I have two lists, x and y, and I want to sort x and permute y by the permutation of x-sorting. 我有两个列表，x和y，我想通过x排序的排列来排序x和置换y。 For example, given 例如，给定

x = [4, 2, 1, 3]
y = [40, 200, 1, 30]

I want to get 我想得到

x_sorted = [1,2,3,4]
y_sorted = [1, 200, 30, 40]

As discussed in past questions, a simple way to solve this is 正如过去的问题所讨论的，解决这个问题的一个简单方法是

x_sorted, y_sorted = zip(*sorted(zip(x,y)))

Here is my question: What is the FASTEST way to do this? 这是我的问题：最快的方法是什么？

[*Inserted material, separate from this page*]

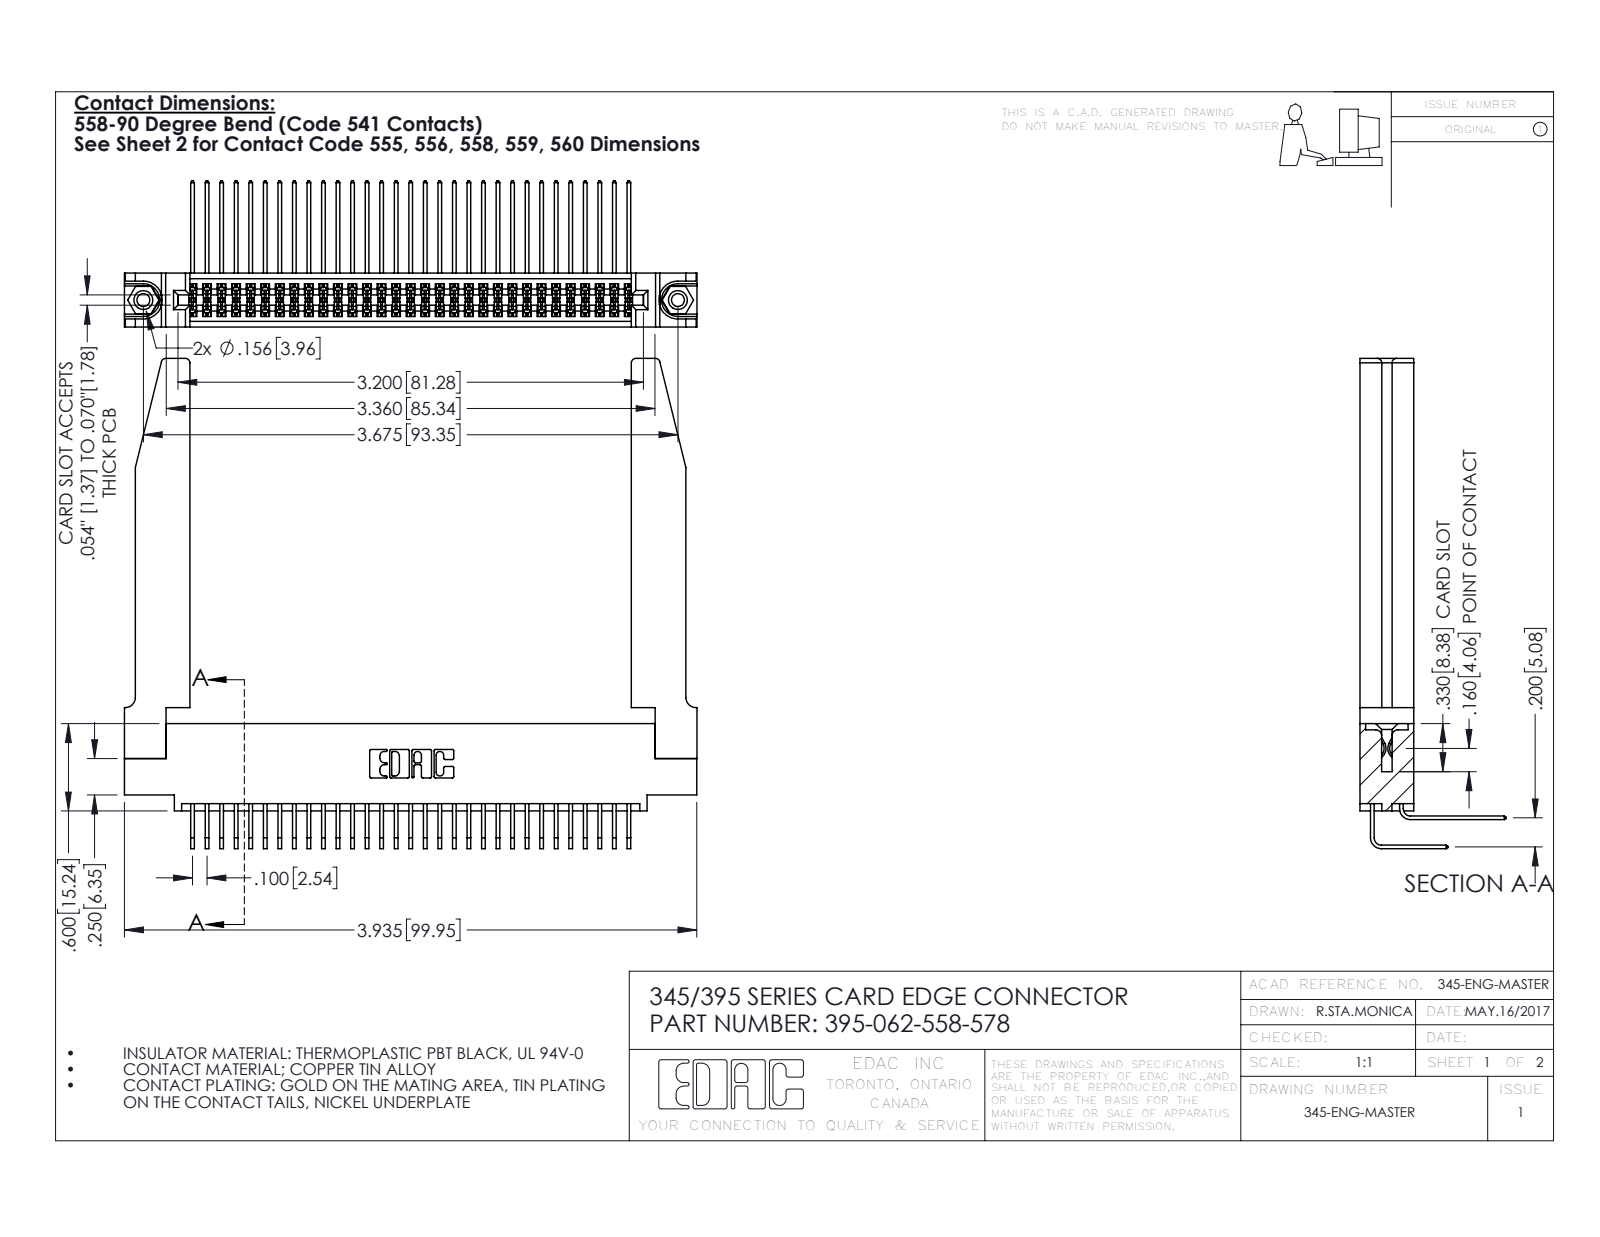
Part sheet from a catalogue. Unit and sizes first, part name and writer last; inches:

I have three methods to do the task. 我有三种方法来完成任务。

import numpy as np
x = np.random.random(1000)
y = np.random.random(1000)

method 1: 方法1：

x_sorted, y_sorted = zip(*sorted(zip(x,y))) #1.08 ms

method 2: 方法2：

foo = zip(x,y)
foo.sort()
zip(*foo)       #1.05 ms

method 3; 方法3;

ind = range(1000)
ind.sort(key=lambda i:x[i])
x_sorted = [x[i] for i in ind]
y_sorted = [y[i] for i in ind]  #934us

Is there a better method, which executes faster than above three methods? 有没有比上述三种方法更快的执行方法？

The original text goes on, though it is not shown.